* Dataset excerpts
+ + +
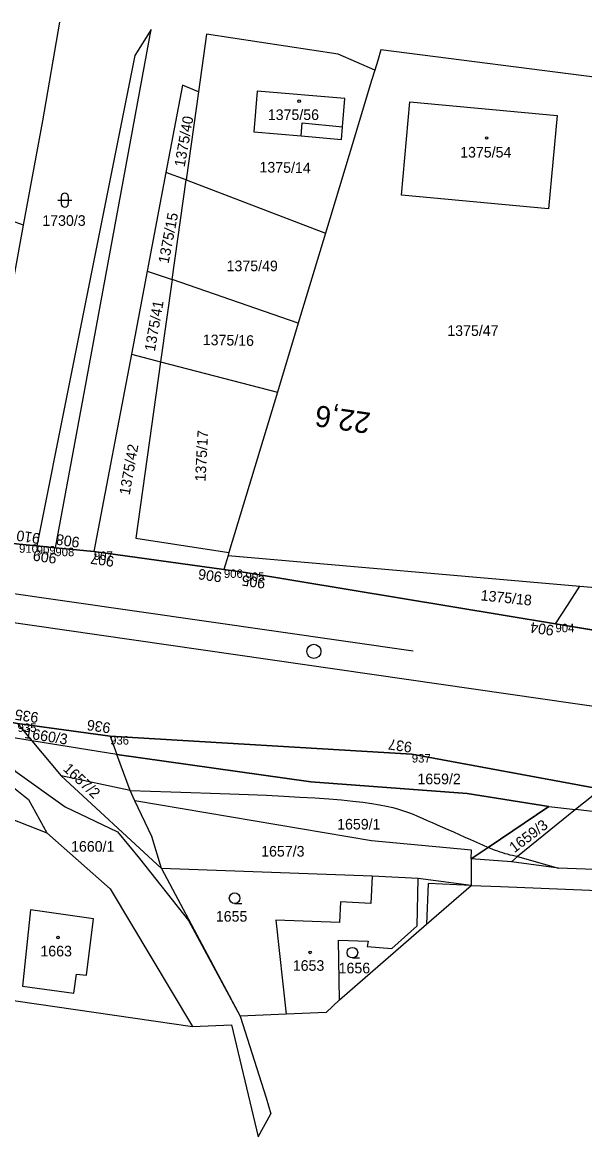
# Model space of a CAD drawing. Extents: x -757895 to -757311, y -1060303 to -1059942.
# Drawn here: x -757525.5 to -757445.9, y -1060221.2 to -1060063.5 of the extents above; entities that cross this region are included whole.
import ezdxf

# ---------------------------------------------------------------- set-up
doc = ezdxf.new("R2010")
doc.units = 0
for name, color, linetype in [('_hektaky', 7, 'Continuous'), ('_SO 102 hektometry', 7, 'Continuous'), ('Obvod stavby', 7, 'Continuous'), ('Vrstva 1', 7, 'Continuous'), ('Vrstva 53', 7, 'Continuous'), ('Vrstva 55', 7, 'Continuous'), ('Vrstva 56', 7, 'Continuous'), ('Vrstva 57', 7, 'Continuous'), ('Vrstva 58', 7, 'Continuous'), ('Vrstva 59', 7, 'Continuous'), ('Vrstva 60', 7, 'Continuous')]:
    doc.layers.add(name, color=color, linetype=linetype)

msp = doc.modelspace()

# ---------------------------------------------------------------- linework, layer by layer
at = {"layer": '_SO 102 hektometry'}
msp.add_circle((-757484.25, -1060152.51), 1, dxfattribs=at)
at = {"layer": 'Obvod stavby'}
for points in [[(-757420.49, -1060174.29), (-757417.66, -1060153.97), (-757419.22, -1060153.71), (-757450.04, -1060148.6), (-757493.93, -1060141.33), (-757496.99, -1060140.91), (-757515.4, -1060138.37), (-757520.85, -1060137.84), (-757523.49, -1060137.59), (-757525.99, -1060137.35), (-757528.28, -1060137.03), (-757533.01, -1060136.32), (-757534.03, -1060136.19), (-757535.86, -1060133.35), (-757568.62, -1060130.44), (-757606.63, -1060125.23), (-757624.32, -1060124.22), (-757624.54, -1060126.42), (-757639.93, -1060124.17), (-757687.19, -1060114.38)], [(-757686.64, -1060138.39), (-757635.44, -1060145.86), (-757634.26, -1060145.96), (-757632.1, -1060146.3), (-757543.88, -1060160.4), (-757542.9, -1060160.49), (-757535.01, -1060161.18), (-757533.6, -1060161.43), (-757526.21, -1060162.71), (-757513.1, -1060164.5), (-757470.38, -1060167.04), (-757443.58, -1060171.99), (-757420.49, -1060174.29)]]:
    msp.add_lwpolyline(points, dxfattribs=at)
at = {"layer": 'Vrstva 1'}
for p, q in [((-757429.32, -1060162.53), (-757720.62, -1060120.47)), ((-757576.18, -1060137.2), (-757470.2, -1060152.45))]:
    msp.add_line(p, q, dxfattribs=at)
at = {"layer": 'Vrstva 53'}
for points in [[(-757687.19, -1060114.38), (-757639.93, -1060124.17), (-757624.54, -1060126.42), (-757624.32, -1060124.22), (-757612.89, -1060124.84), (-757606.63, -1060125.23), (-757568.62, -1060130.44), (-757535.86, -1060133.35), (-757534.03, -1060136.19), (-757533.01, -1060136.32), (-757528.28, -1060137.03), (-757525.99, -1060137.35), (-757523.49, -1060137.59), (-757520.85, -1060137.84), (-757515.4, -1060138.37), (-757496.99, -1060140.91), (-757493.93, -1060141.33), (-757450.04, -1060148.6), (-757417.66, -1060153.97), (-757412.43, -1060151.61), (-757391.89, -1060154.81), (-757390.25, -1060143), (-757387.56, -1060158.16)], [(-757328.56, -1060183.46), (-757338.29, -1060184.85), (-757361.91, -1060181.63), (-757443.58, -1060171.99), (-757470.38, -1060167.04), (-757513.1, -1060164.5), (-757526.21, -1060162.71), (-757533.6, -1060161.43), (-757535.01, -1060161.18), (-757542.9, -1060160.49), (-757543.88, -1060160.4), (-757632.1, -1060146.3), (-757634.26, -1060145.96), (-757635.44, -1060145.86), (-757686.64, -1060138.39), (-757693.18, -1060137.43), (-757732.62, -1060131.67), (-757793.56, -1060122.78), (-757866, -1060118.97)], [(-757509.58, -1060173.65), (-757510.26, -1060172.2), (-757512.14, -1060167.1), (-757484.68, -1060170.98), (-757462.52, -1060172.6), (-757450.99, -1060174.46), (-757459.56, -1060180.26), (-757461.95, -1060181.88), (-757461.94, -1060180.64), (-757476.1, -1060179.3), (-757509.58, -1060173.65)]]:
    msp.add_lwpolyline(points, dxfattribs=at)
at = {"layer": 'Vrstva 55'}
for p, q in [((-757522.65, -1060077.4), (-757520.23, -1060063.47)), ((-757499.45, -1060065.15), (-757500.59, -1060073.29)), ((-757480.83, -1060068), (-757499.45, -1060065.15)), ((-757475.63, -1060070.26), (-757480.83, -1060068)), ((-757474.75, -1060067.35), (-757475.21, -1060068.86)), ((-757425.51, -1060073.71), (-757474.75, -1060067.35)), ((-757475.21, -1060068.86), (-757475.63, -1060070.26)), ((-757525.35, -1060092.2), (-757579.91, -1060072.75)), ((-757502.84, -1060072.35), (-757505.19, -1060084.71)), ((-757500.59, -1060073.29), (-757502.84, -1060072.35)), ((-757500.59, -1060073.29), (-757502.35, -1060085.79)), ((-757525.35, -1060092.2), (-757522.65, -1060077.4)), ((-757505.19, -1060084.71), (-757507.85, -1060098.68)), ((-757502.35, -1060085.79), (-757505.19, -1060084.71)), ((-757504.33, -1060099.89), (-757502.35, -1060085.79)), ((-757502.35, -1060085.79), (-757482.61, -1060093.33)), ((-757527.8, -1060105.72), (-757525.35, -1060092.2)), ((-757482.61, -1060093.33), (-757486.45, -1060106.04)), ((-757507.85, -1060098.68), (-757510.09, -1060110.45)), ((-757507.85, -1060098.68), (-757504.33, -1060099.89)), ((-757504.33, -1060099.89), (-757505.97, -1060111.52)), ((-757486.45, -1060106.04), (-757504.33, -1060099.89)), ((-757486.45, -1060106.04), (-757489.4, -1060115.81)), ((-757510.09, -1060110.45), (-757515.4, -1060138.37)), ((-757510.09, -1060110.45), (-757505.97, -1060111.52)), ((-757505.97, -1060111.52), (-757489.4, -1060115.81)), ((-757489.4, -1060115.81), (-757496.27, -1060138.53)), ((-757515.4, -1060138.37), (-757496.99, -1060140.91)), ((-757496.4, -1060138.94), (-757496.99, -1060140.91)), ((-757496.27, -1060138.53), (-757496.4, -1060138.94)), ((-757496.4, -1060138.94), (-757446.57, -1060143.26)), ((-757450.04, -1060148.6), (-757417.66, -1060153.97)), ((-757526.21, -1060162.71), (-757513.1, -1060164.5)), ((-757513.1, -1060164.5), (-757512.14, -1060167.1)), ((-757443.58, -1060171.99), (-757447.18, -1060174.91)), ((-757507.2, -1060178.7), (-757509.58, -1060173.65)), ((-757450.99, -1060174.46), (-757447.18, -1060174.91)), ((-757505.82, -1060183.25), (-757507.2, -1060178.7)), ((-757461.95, -1060181.88), (-757461.97, -1060185.63)), ((-757456.27, -1060182.28), (-757461.95, -1060181.88)), ((-757475.98, -1060184.31), (-757505.82, -1060183.25)), ((-757505.82, -1060183.25), (-757494.7, -1060204.13)), ((-757449.6, -1060183.18), (-757456.27, -1060182.28)), ((-757469.46, -1060184.66), (-757475.98, -1060184.31)), ((-757461.97, -1060185.63), (-757469.46, -1060184.66)), ((-757468.3, -1060191.14), (-757461.97, -1060185.63)), ((-757461.97, -1060185.63), (-757457.81, -1060185.8)), ((-757457.81, -1060185.8), (-757442.84, -1060186.4)), ((-757480.62, -1060201.84), (-757468.3, -1060191.14)), ((-757553.73, -1060197.99), (-757501.45, -1060205.62)), ((-757482.5, -1060203.63), (-757480.62, -1060201.84)), ((-757488.16, -1060203.86), (-757494.7, -1060204.13)), ((-757482.5, -1060203.63), (-757488.16, -1060203.86)), ((-757492.15, -1060221.2), (-757490.36, -1060217.94))]:
    msp.add_line(p, q, dxfattribs=at)
for points in [[(-757475.63, -1060070.26), (-757476.07, -1060071.71), (-757479.24, -1060082.21), (-757482.61, -1060093.33)], [(-757486.06, -1060079.54), (-757480.34, -1060080.05), (-757480.18, -1060078.28), (-757479.84, -1060074.24), (-757492.3, -1060073.2), (-757492.76, -1060078.99), (-757486.06, -1060079.54)], [(-757470.67, -1060074.74), (-757449.81, -1060076.66), (-757451.01, -1060089.85), (-757471.85, -1060087.93), (-757470.67, -1060074.74)], [(-757446.57, -1060143.26), (-757435.09, -1060144.26), (-757425.51, -1060073.71)], [(-757505.97, -1060111.52), (-757509.48, -1060136.47), (-757496.27, -1060138.53)], [(-757515.4, -1060138.37), (-757518.94, -1060138.03), (-757520.85, -1060137.84), (-757523.49, -1060137.59), (-757525.99, -1060137.35)], [(-757496.99, -1060140.91), (-757493.93, -1060141.33), (-757450.04, -1060148.6)], [(-757450.04, -1060148.6), (-757448.35, -1060146), (-757446.57, -1060143.26)], [(-757535.4, -1060164.4), (-757534.05, -1060166.5), (-757527.72, -1060171), (-757524.67, -1060173.45), (-757522.06, -1060178.2)], [(-757530.47, -1060164.08), (-757526.6, -1060169.42), (-757519.47, -1060174.52), (-757512.04, -1060178.07), (-757508.94, -1060181.82), (-757502, -1060190.6), (-757494.7, -1060204.13)], [(-757512.14, -1060167.1), (-757524.18, -1060165.15), (-757527.62, -1060164.59), (-757530.47, -1060164.08)], [(-757513.1, -1060164.5), (-757470.38, -1060167.04), (-757443.58, -1060171.99)], [(-757450.99, -1060174.46), (-757462.52, -1060172.6), (-757484.68, -1060170.98), (-757512.14, -1060167.1)], [(-757509.58, -1060173.65), (-757510.26, -1060172.2), (-757512.14, -1060167.1)], [(-757541.4, -1060170.7), (-757539.76, -1060171.25), (-757522.06, -1060178.2)], [(-757461.95, -1060181.88), (-757461.94, -1060180.64), (-757476.1, -1060179.3), (-757509.58, -1060173.65)], [(-757461.95, -1060181.88), (-757459.56, -1060180.26), (-757450.99, -1060174.46)], [(-757447.18, -1060174.91), (-757455.39, -1060181.56), (-757456.27, -1060182.28)], [(-757373.86, -1060183.46), (-757405.36, -1060179.78), (-757434.52, -1060176.38), (-757447.18, -1060174.91)], [(-757522.06, -1060178.2), (-757513.1, -1060186.11), (-757501.45, -1060205.62)], [(-757373.35, -1060185.99), (-757375.27, -1060185.92), (-757449.6, -1060183.18)], [(-757475.98, -1060184.31), (-757476.19, -1060188.18), (-757480.46, -1060187.96), (-757480.61, -1060190.87), (-757489.65, -1060190.56), (-757488.16, -1060203.86)], [(-757480.62, -1060201.84), (-757480.75, -1060193.37), (-757476.57, -1060193.52), (-757476.69, -1060194.3), (-757473.22, -1060194.56), (-757469.64, -1060191.34), (-757469.46, -1060184.66)], [(-757525.5, -1060199.9), (-757518.26, -1060200.9), (-757517.87, -1060198.2), (-757516.44, -1060198.33), (-757515.46, -1060190.37), (-757524.35, -1060189.08), (-757525.5, -1060199.9)], [(-757494.7, -1060204.13), (-757490.98, -1060215.68), (-757490.36, -1060217.94)], [(-757501.45, -1060205.62), (-757495.89, -1060205.36), (-757492.15, -1060221.2)]]:
    msp.add_lwpolyline(points, dxfattribs=at)
at = {"layer": 'Vrstva 56'}
for p, q in [((-757516.7, -1060115.45), (-757507.27, -1060064.51)), ((-757507.27, -1060064.51), (-757509.6, -1060068.17)), ((-757509.6, -1060068.17), (-757518.99, -1060115.13)), ((-757486.06, -1060079.54), (-757485.91, -1060077.7)), ((-757485.91, -1060077.7), (-757480.18, -1060078.28)), ((-757518.99, -1060115.13), (-757523.49, -1060137.59)), ((-757520.85, -1060137.84), (-757516.7, -1060115.45)), ((-757526.21, -1060162.71), (-757524.18, -1060165.15)), ((-757524.18, -1060165.15), (-757520.05, -1060170.1)), ((-757520.05, -1060170.1), (-757505.82, -1060183.25)), ((-757510.26, -1060172.2), (-757520.05, -1060170.1)), ((-757455.39, -1060181.56), (-757449.6, -1060183.18)), ((-757468.07, -1060185.38), (-757468.3, -1060191.14)), ((-757461.97, -1060185.63), (-757468.07, -1060185.38))]:
    msp.add_line(p, q, dxfattribs=at)
for points in [[(-757510.26, -1060172.2), (-757507.38, -1060172.29), (-757504.48, -1060172.38), (-757501.65, -1060172.48), (-757498.87, -1060172.57), (-757496.13, -1060172.67), (-757493.5, -1060172.78), (-757490.97, -1060172.88), (-757488.52, -1060173), (-757486.24, -1060173.12), (-757484.11, -1060173.25), (-757482.11, -1060173.39), (-757480.33, -1060173.53), (-757478.74, -1060173.69), (-757477.31, -1060173.85), (-757476.06, -1060174.03), (-757474.95, -1060174.21), (-757473.95, -1060174.41), (-757473.07, -1060174.62), (-757472.28, -1060174.84), (-757471.54, -1060175.07), (-757470.86, -1060175.32), (-757470.2, -1060175.57), (-757469.55, -1060175.85), (-757468.9, -1060176.13), (-757468.22, -1060176.43), (-757467.51, -1060176.74), (-757466.79, -1060177.06), (-757466.04, -1060177.39), (-757465.27, -1060177.73), (-757464.48, -1060178.07), (-757463.69, -1060178.43), (-757462.87, -1060178.79), (-757462.05, -1060179.15), (-757461.23, -1060179.52), (-757460.39, -1060179.89), (-757459.56, -1060180.26)], [(-757455.39, -1060181.56), (-757455.75, -1060181.49), (-757456.1, -1060181.41), (-757456.46, -1060181.33), (-757456.81, -1060181.23), (-757457.16, -1060181.14), (-757457.51, -1060181.03), (-757457.86, -1060180.92), (-757458.2, -1060180.8), (-757458.55, -1060180.68), (-757458.89, -1060180.54), (-757459.22, -1060180.41), (-757459.56, -1060180.26)]]:
    msp.add_lwpolyline(points, dxfattribs=at)
at = {"layer": 'Vrstva 58'}
for p, q in [((-757520.52, -1060088.64), (-757518.52, -1060088.64)), ((-757520.02, -1060088.14), (-757520.02, -1060089.14)), ((-757519.02, -1060088.14), (-757519.02, -1060089.14)), ((-757495.47, -1060188.19), (-757494.47, -1060188.19)), ((-757478.79, -1060195.9), (-757477.79, -1060195.9))]:
    msp.add_line(p, q, dxfattribs=at)
for centre in [(-757495.47, -1060187.44), (-757478.79, -1060195.15)]:
    msp.add_circle(centre, 0.75, dxfattribs=at)
for centre, start, end in [((-757519.52, -1060088.14), 0, 180), ((-757519.52, -1060089.14), 180, 0)]:
    msp.add_arc(centre, 0.5, start, end, dxfattribs=at)
at = {"layer": 'Vrstva 59'}
for centre in [(-757486.33, -1060074.63), (-757459.78, -1060079.84), (-757520.49, -1060193.01), (-757484.78, -1060195.12)]:
    msp.add_circle(centre, 0.175, dxfattribs=at)
at = {"layer": 'Vrstva 60'}
for p, q in [((-757523.49, -1060137.59), (-757523.49, -1060137.59)), ((-757520.85, -1060137.84), (-757520.85, -1060137.84)), ((-757515.4, -1060138.37), (-757515.4, -1060138.37)), ((-757496.99, -1060140.91), (-757496.99, -1060140.91)), ((-757493.93, -1060141.33), (-757493.93, -1060141.33)), ((-757450.04, -1060148.6), (-757450.04, -1060148.6)), ((-757513.1, -1060164.5), (-757513.1, -1060164.5)), ((-757470.38, -1060167.04), (-757470.38, -1060167.04))]:
    msp.add_line(p, q, dxfattribs=at)

# ---------------------------------------------------------------- texts
at = {"layer": '_hektaky'}
msp.add_text('22,6', height=3, rotation=171.8129, dxfattribs=at).set_placement((-757476.09, -1060118.76))
at = {"layer": 'Obvod stavby'}
for s, p in [('910', (-757522.92, -1060135.83)), ('908', (-757517.33, -1060136.37)), ('909', (-757520.58, -1060138.64)), ('907', (-757512.44, -1060139.08)), ('906', (-757497.19, -1060141.28)), ('905', (-757491.03, -1060142.17)), ('904', (-757450.17, -1060148.83)), ('935', (-757523.15, -1060161.17)), ('936', (-757512.95, -1060162.64)), ('937', (-757470.27, -1060165.37))]:
    msp.add_text(s, height=1.5, rotation=171.7882, dxfattribs=at).set_placement(p)
at = {"layer": 'Vrstva 57'}
for s, p in [('1375/56', (-757490.77, -1060077.3)), ('1375/54', (-757463.53, -1060082.61)), ('1730/3', (-757522.7, -1060092.28)), ('1375/49', (-757496.6, -1060098.7)), ('1375/47', (-757465.35, -1060107.86)), ('1659/2', (-757469.58, -1060171.31)), ('1659/1', (-757480.95, -1060177.72)), ('1660/1', (-757518.63, -1060180.86)), ('1657/3', (-757491.71, -1060181.55)), ('1655', (-757498.13, -1060190.76)), ('1663', (-757522.97, -1060195.68)), ('1653', (-757487.23, -1060197.72)), ('1656', (-757480.74, -1060198.08))]:
    msp.add_text(s, height=1.5, dxfattribs=at).set_placement(p)
for s, rotation, p in [('1375/40', 80, (-757502.55, -1060084.03)), ('1375/14', 359, (-757491.96, -1060084.71)), ('1375/15', 79, (-757504.83, -1060097.7)), ('1375/41', 80, (-757506.77, -1060110.13)), ('1375/16', 359, (-757499.99, -1060109.15)), ('1375/17', 87, (-757499.59, -1060128.49)), ('1375/42', 80, (-757510.34, -1060130.46)), ('1375/18', 354, (-757460.68, -1060145.28)), ('1660/3', 351, (-757525.3, -1060164.76)), ('1657/2', 317, (-757519.86, -1060169.27)), ('1659/3', 37, (-757455.86, -1060181.08))]:
    msp.add_text(s, height=1.5, rotation=rotation, dxfattribs=at).set_placement(p)
at = {"layer": 'Vrstva 60'}
for s, p in [('910', (-757525.99, -1060138.55)), ('909', (-757523.49, -1060138.79)), ('908', (-757520.85, -1060139.04)), ('907', (-757515.4, -1060139.57)), ('906', (-757496.99, -1060142.11)), ('905', (-757493.93, -1060142.53)), ('904', (-757450.04, -1060149.8)), ('935', (-757526.21, -1060163.91)), ('936', (-757513.1, -1060165.7)), ('937', (-757470.38, -1060168.24))]:
    msp.add_text(s, height=1.2, dxfattribs=at).set_placement(p)

doc.saveas('drawing.dxf')
+ + +
* DIRECTIONS
Copy each line in the entries above where "hektometry" turns up.

* EXERCISE ANSWER
for name, color, linetype in [('_hektaky', 7, 'Continuous'), ('_SO 102 hektometry', 7, 'Continuous'), ('Obvod stavby', 7, 'Continuous'), ('Vrstva 1', 7, 'Continuous'), ('Vrstva 53', 7, 'Continuous'), ('Vrstva 55', 7, 'Continuous'), ('Vrstva 56', 7, 'Continuous'), ('Vrstva 57', 7, 'Continuous'), ('Vrstva 58', 7, 'Continuous'), ('Vrstva 59', 7, 'Continuous'), ('Vrstva 60', 7, 'Continuous')]:
at = {"layer": '_SO 102 hektometry'}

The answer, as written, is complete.